LIMITER L'IMPACT DE LA DÉCISION
L'amende se décompose en 1,8 milliards de dollars pour le Département américain de la Justice, dont 196 millions pour la Securities and Exchange Commission (SEC). Un tiers de cette somme est alloué au fisc américain (IRS, Internal Revenue Service). Restent 715 millions qui seront versés au département des services financiers de l'Etat de New York (DFS) et 100 millions pour le Conseil des gouverneurs de la Réserve fédérale des Etats Unis. Par ailleurs, deux filiales de Crédit Suisse font également l'objet d'une plainte pénale.

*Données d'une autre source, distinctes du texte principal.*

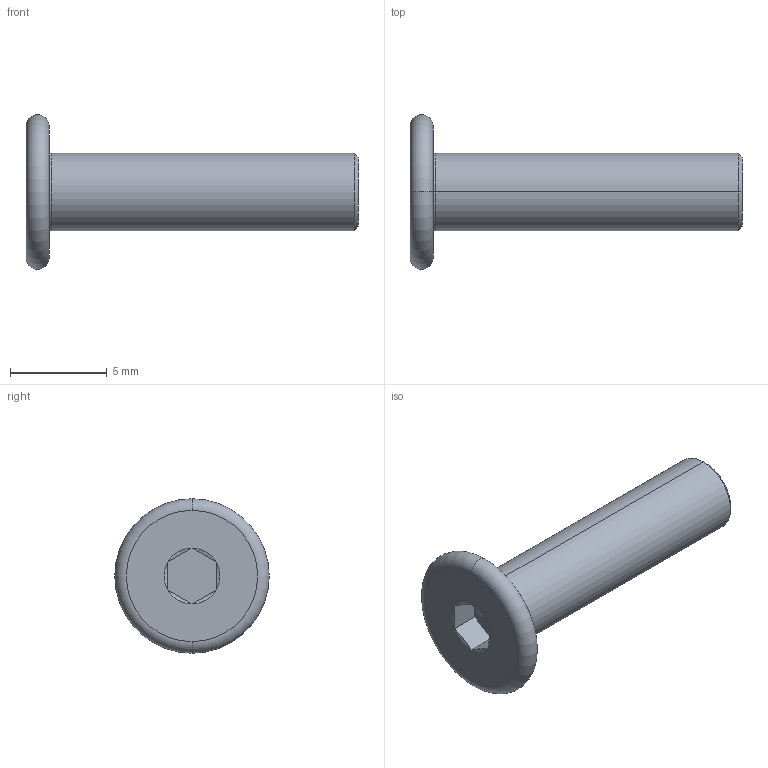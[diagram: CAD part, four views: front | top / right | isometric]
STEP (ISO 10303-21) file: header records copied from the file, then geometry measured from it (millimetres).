
FILE_DESCRIPTION (( 'STEP AP203' ), '1' );
FILE_NAME ('LGD-304M-M4x16.STEP', '2026-08-13T10:06:28', ( '' ), ( '' ), 'SwSTEP 2.0', 'SolidWorks 2020', '' );
FILE_SCHEMA (( 'CONFIG_CONTROL_DESIGN' ));
Length unit declared in the file: millimetre
Products named in the file (1): LGD-304M-M4x16
Bounding box: 17.2 x 8 x 8 mm (x, y, z)
Volume: 249.3 mm3; surface area: 329.1 mm2
Topology: 1 solids, 1 shells, 24 faces, 44 edges, 24 vertices
Faces by surface type: plane 10, cone 8, torus 4, cylinder 2
Entity records: 673 total; most frequent: CARTESIAN_POINT 119, DIRECTION 110, ORIENTED_EDGE 88, AXIS2_PLACEMENT_3D 47, EDGE_CURVE 44, EDGE_LOOP 26, VERTEX_POINT 24, ADVANCED_FACE 24
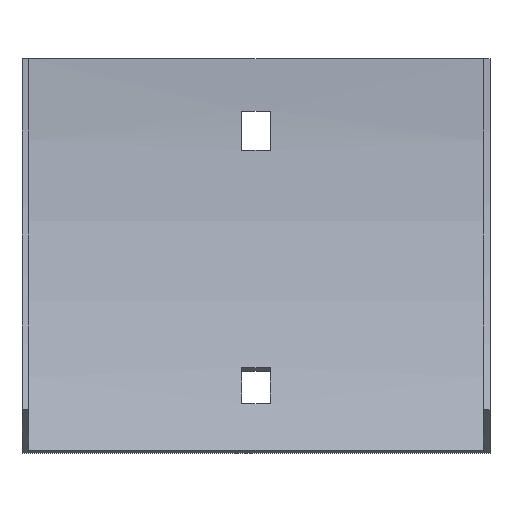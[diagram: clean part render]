
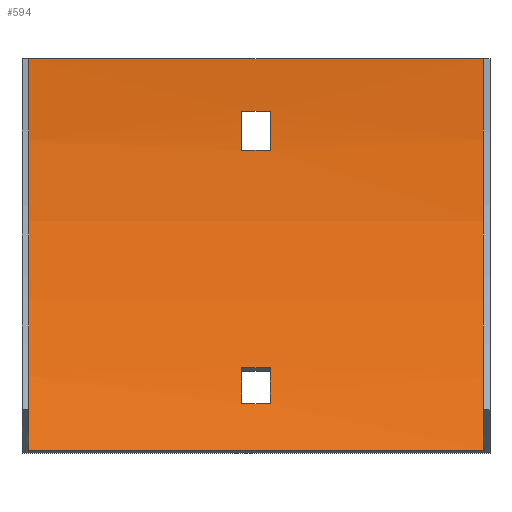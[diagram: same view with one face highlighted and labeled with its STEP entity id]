
A CAD part, front view. The second image highlights one B-rep face of the part: STEP entity #594.
In plain terms, the highlighted cylindrical face has radius 179 mm (diameter 358 mm), a partial arc.
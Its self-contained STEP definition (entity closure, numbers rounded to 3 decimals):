
#1 = CIRCLE ( 'NONE', #390, 179. ) ;
#3 = VERTEX_POINT ( 'NONE', #429 ) ;
#22 = DIRECTION ( 'NONE',  ( -1., 0., 0. ) ) ;
#28 = EDGE_CURVE ( 'NONE', #175, #506, #185, .T. ) ;
#36 = EDGE_CURVE ( 'NONE', #3, #279, #360, .T. ) ;
#39 = DIRECTION ( 'NONE',  ( -1., 0., 0. ) ) ;
#42 = VERTEX_POINT ( 'NONE', #471 ) ;
#50 = CARTESIAN_POINT ( 'NONE',  ( 3.25, -2.736, -21. ) ) ;
#58 = DIRECTION ( 'NONE',  ( 0., 0., 1. ) ) ;
#61 = CYLINDRICAL_SURFACE ( 'NONE', #218, 179. ) ;
#62 = CARTESIAN_POINT ( 'NONE',  ( 52., -25.481, -89.5 ) ) ;
#67 = CARTESIAN_POINT ( 'NONE',  ( 52., -180.5, 0. ) ) ;
#71 = DIRECTION ( 'NONE',  ( -1., 0., 0. ) ) ;
#72 = CARTESIAN_POINT ( 'NONE',  ( 53.5, -19.83, -78.906 ) ) ;
#73 = DIRECTION ( 'NONE',  ( 0., 0., 1. ) ) ;
#86 = CARTESIAN_POINT ( 'NONE',  ( -3.25, -180.5, 0. ) ) ;
#92 = AXIS2_PLACEMENT_3D ( 'NONE', #571, #159, #467 ) ;
#93 = CARTESIAN_POINT ( 'NONE',  ( -3.25, -1.903, -12. ) ) ;
#97 = CARTESIAN_POINT ( 'NONE',  ( 3.25, -16.052, -70.695 ) ) ;
#98 = ORIENTED_EDGE ( 'NONE', *, *, #28, .T. ) ;
#101 = CARTESIAN_POINT ( 'NONE',  ( 53.5, -180.5, 0. ) ) ;
#103 = ORIENTED_EDGE ( 'NONE', *, *, #209, .F. ) ;
#105 = CIRCLE ( 'NONE', #151, 179. ) ;
#114 = ORIENTED_EDGE ( 'NONE', *, *, #334, .T. ) ;
#119 = ORIENTED_EDGE ( 'NONE', *, *, #36, .F. ) ;
#121 = DIRECTION ( 'NONE',  ( 0., 0., 1. ) ) ;
#136 = VERTEX_POINT ( 'NONE', #351 ) ;
#147 = EDGE_CURVE ( 'NONE', #595, #42, #532, .T. ) ;
#151 = AXIS2_PLACEMENT_3D ( 'NONE', #593, #192, #454 ) ;
#159 = DIRECTION ( 'NONE',  ( 1., 0., 0. ) ) ;
#163 = EDGE_CURVE ( 'NONE', #506, #595, #1, .T. ) ;
#169 = CARTESIAN_POINT ( 'NONE',  ( 3.25, -180.5, 0. ) ) ;
#175 = VERTEX_POINT ( 'NONE', #438 ) ;
#179 = DIRECTION ( 'NONE',  ( 0., 0., -1. ) ) ;
#184 = DIRECTION ( 'NONE',  ( 1., 0., 0. ) ) ;
#185 = LINE ( 'NONE', #190, #297 ) ;
#186 = VERTEX_POINT ( 'NONE', #441 ) ;
#190 = CARTESIAN_POINT ( 'NONE',  ( 53.5, -16.052, -70.695 ) ) ;
#192 = DIRECTION ( 'NONE',  ( 1., 0., 0. ) ) ;
#197 = EDGE_LOOP ( 'NONE', ( #466, #103, #380, #503 ) ) ;
#202 = VECTOR ( 'NONE', #22, 1000. ) ;
#209 = EDGE_CURVE ( 'NONE', #136, #242, #392, .T. ) ;
#218 = AXIS2_PLACEMENT_3D ( 'NONE', #101, #567, #121 ) ;
#219 = CARTESIAN_POINT ( 'NONE',  ( 53.5, -1.903, -12. ) ) ;
#227 = AXIS2_PLACEMENT_3D ( 'NONE', #86, #184, #179 ) ;
#234 = DIRECTION ( 'NONE',  ( 1., 0., 0. ) ) ;
#235 = CARTESIAN_POINT ( 'NONE',  ( 3.25, -19.83, -78.906 ) ) ;
#236 = ORIENTED_EDGE ( 'NONE', *, *, #163, .T. ) ;
#242 = VERTEX_POINT ( 'NONE', #93 ) ;
#254 = AXIS2_PLACEMENT_3D ( 'NONE', #67, #234, #58 ) ;
#256 = VECTOR ( 'NONE', #386, 1000. ) ;
#265 = EDGE_CURVE ( 'NONE', #600, #136, #105, .T. ) ;
#270 = DIRECTION ( 'NONE',  ( 0., 0., 1. ) ) ;
#279 = VERTEX_POINT ( 'NONE', #457 ) ;
#286 = FACE_BOUND ( 'NONE', #348, .T. ) ;
#293 = EDGE_LOOP ( 'NONE', ( #119, #377, #495, #331 ) ) ;
#296 = EDGE_CURVE ( 'NONE', #242, #577, #487, .T. ) ;
#297 = VECTOR ( 'NONE', #365, 1000. ) ;
#299 = CARTESIAN_POINT ( 'NONE',  ( 52., -1.5, 0. ) ) ;
#311 = CIRCLE ( 'NONE', #227, 179. ) ;
#331 = ORIENTED_EDGE ( 'NONE', *, *, #530, .T. ) ;
#334 = EDGE_CURVE ( 'NONE', #42, #175, #311, .T. ) ;
#348 = EDGE_LOOP ( 'NONE', ( #423, #114, #98, #236 ) ) ;
#351 = CARTESIAN_POINT ( 'NONE',  ( 3.25, -1.903, -12. ) ) ;
#360 = CIRCLE ( 'NONE', #92, 179. ) ;
#365 = DIRECTION ( 'NONE',  ( 1., 0., 0. ) ) ;
#375 = FACE_BOUND ( 'NONE', #197, .T. ) ;
#377 = ORIENTED_EDGE ( 'NONE', *, *, #481, .F. ) ;
#380 = ORIENTED_EDGE ( 'NONE', *, *, #265, .F. ) ;
#382 = VECTOR ( 'NONE', #507, 1000. ) ;
#386 = DIRECTION ( 'NONE',  ( -1., 0., 0. ) ) ;
#390 = AXIS2_PLACEMENT_3D ( 'NONE', #169, #582, #73 ) ;
#392 = LINE ( 'NONE', #219, #444 ) ;
#397 = DIRECTION ( 'NONE',  ( -1., 0., 0. ) ) ;
#406 = LINE ( 'NONE', #501, #382 ) ;
#408 = CIRCLE ( 'NONE', #254, 179. ) ;
#416 = EDGE_CURVE ( 'NONE', #528, #186, #408, .T. ) ;
#423 = ORIENTED_EDGE ( 'NONE', *, *, #147, .T. ) ;
#428 = LINE ( 'NONE', #565, #256 ) ;
#429 = CARTESIAN_POINT ( 'NONE',  ( -52., -25.481, -89.5 ) ) ;
#438 = CARTESIAN_POINT ( 'NONE',  ( -3.25, -16.052, -70.695 ) ) ;
#441 = CARTESIAN_POINT ( 'NONE',  ( 52., -1.5, 0. ) ) ;
#444 = VECTOR ( 'NONE', #397, 1000. ) ;
#454 = DIRECTION ( 'NONE',  ( 0., 0., -1. ) ) ;
#457 = CARTESIAN_POINT ( 'NONE',  ( -52., -1.5, 0. ) ) ;
#466 = ORIENTED_EDGE ( 'NONE', *, *, #296, .F. ) ;
#467 = DIRECTION ( 'NONE',  ( 0., 0., 1. ) ) ;
#468 = AXIS2_PLACEMENT_3D ( 'NONE', #589, #39, #270 ) ;
#471 = CARTESIAN_POINT ( 'NONE',  ( -3.25, -19.83, -78.906 ) ) ;
#472 = FACE_OUTER_BOUND ( 'NONE', #293, .T. ) ;
#479 = LINE ( 'NONE', #299, #489 ) ;
#481 = EDGE_CURVE ( 'NONE', #528, #3, #428, .T. ) ;
#487 = CIRCLE ( 'NONE', #468, 179. ) ;
#489 = VECTOR ( 'NONE', #71, 1000. ) ;
#495 = ORIENTED_EDGE ( 'NONE', *, *, #416, .T. ) ;
#501 = CARTESIAN_POINT ( 'NONE',  ( 53.5, -2.736, -21. ) ) ;
#503 = ORIENTED_EDGE ( 'NONE', *, *, #564, .F. ) ;
#506 = VERTEX_POINT ( 'NONE', #97 ) ;
#507 = DIRECTION ( 'NONE',  ( 1., 0., 0. ) ) ;
#528 = VERTEX_POINT ( 'NONE', #62 ) ;
#530 = EDGE_CURVE ( 'NONE', #186, #279, #479, .T. ) ;
#532 = LINE ( 'NONE', #72, #202 ) ;
#564 = EDGE_CURVE ( 'NONE', #577, #600, #406, .T. ) ;
#565 = CARTESIAN_POINT ( 'NONE',  ( 52., -25.481, -89.5 ) ) ;
#567 = DIRECTION ( 'NONE',  ( -1., 0., 0. ) ) ;
#571 = CARTESIAN_POINT ( 'NONE',  ( -52., -180.5, 0. ) ) ;
#577 = VERTEX_POINT ( 'NONE', #602 ) ;
#582 = DIRECTION ( 'NONE',  ( -1., 0., 0. ) ) ;
#589 = CARTESIAN_POINT ( 'NONE',  ( -3.25, -180.5, 0. ) ) ;
#593 = CARTESIAN_POINT ( 'NONE',  ( 3.25, -180.5, 0. ) ) ;
#594 = ADVANCED_FACE ( 'NONE', ( #375, #472, #286 ), #61, .F. ) ;
#595 = VERTEX_POINT ( 'NONE', #235 ) ;
#600 = VERTEX_POINT ( 'NONE', #50 ) ;
#602 = CARTESIAN_POINT ( 'NONE',  ( -3.25, -2.736, -21. ) ) ;

Toutefois la Réserve fédérale, le Département des services financiers de New York et les procureurs ont pris des mesures pour limiter l'impact de la décision de plaider coupable. Credit suisse devrait ainsi échapper à un retrait de sa licence bancaire, qui l'empêcherait de poursuivre ses activités aux Etats-Unis.
Le Conseil fédéral suisse a exprimé mardi sa « satisfaction » de voir se terminer ce conflit avec les autorités américaines. La banque n'est pas le premier établissement suisse impliqué dans une affaire d'évasion fiscale. En 2009, L'Union des Banques Suisses (UBS) avait dû verser 780 millions de dollars pour échapper à des poursuites. Mais UBS n'avait pas été contrainte de plaider coupable.
LA BANQUE S'ÉTAIT MAL COMPORTÉE
La sévérité appliquée à Crédit Suisse s'explique par le peu de diligence dont a fait preuve la banque pour coopérer avec les autorités américaines. Fin février, le patron de la banque, Brady Dougan, avait été appelé à témoigner devant une Commission au Sénat américain, où il avait reconnu que la banque s'était mal comportée. Mais le sénateur démocrate Carl Levin et le Républicain John McCain avaient jugé inacceptables que Crédit Suisse ne livre que 238 noms sur les 22000 comptes ouverts en Suisse par la banque pour des clients américains.
Le montant de l'amende devrait toutefois être aisément surmontable par la banque suisse, qui a déjà provisionné 892 millions de francs suisses (729 millions d'euros). Par ailleurs, M.Dougan a annoncé « des ventes d'immeubles secondaires et d'autres actifs secondaires » en vue de ramener son ratio de solvabilité dit « Core Tier 1 » à 10 %, largement au-dessus des obligations réglementaires de Bâle III.
Les conséquences sur la réputation de la banque sont en revanche plus difficiles à évaluer. Beaucoup de fonds de pension et d'investissement se fixent en effet des règles très strictes les empêchant d'avoir des liens avec des établissements ayant plaidé coupable dans le cadre d'une procédure criminelle.
Crédit Suisse fait partie des 14 banques basées en Suisse qui sont sous le coup d'une enquête menée par le département de la justice américaine. Celui-ci les soupçonne d'avoir aidé certains clients américains à échapper à l'impôt. Dans ce cadre, plus de 43000 contribuables américains se sont fait connaître auprès de l'IRS en acceptant de payer plus de 6 milliards de dollars d'arriérés fiscaux, selon un rapport du Sénat publié en début d'année.
BNP Paribas pourrait également faire les frais de ce regain de sévérité de la part des autorités américaines. La banque française est accusée d'avoir effectué des transactions en dollars avec des pays sous embargo américain (Iran, Soudan, Cuba…). BNP Paribas risque une amende de 3,5 milliards de dollars, en cours de discussion, et pourrait à son tour être obligée de plaider coupable.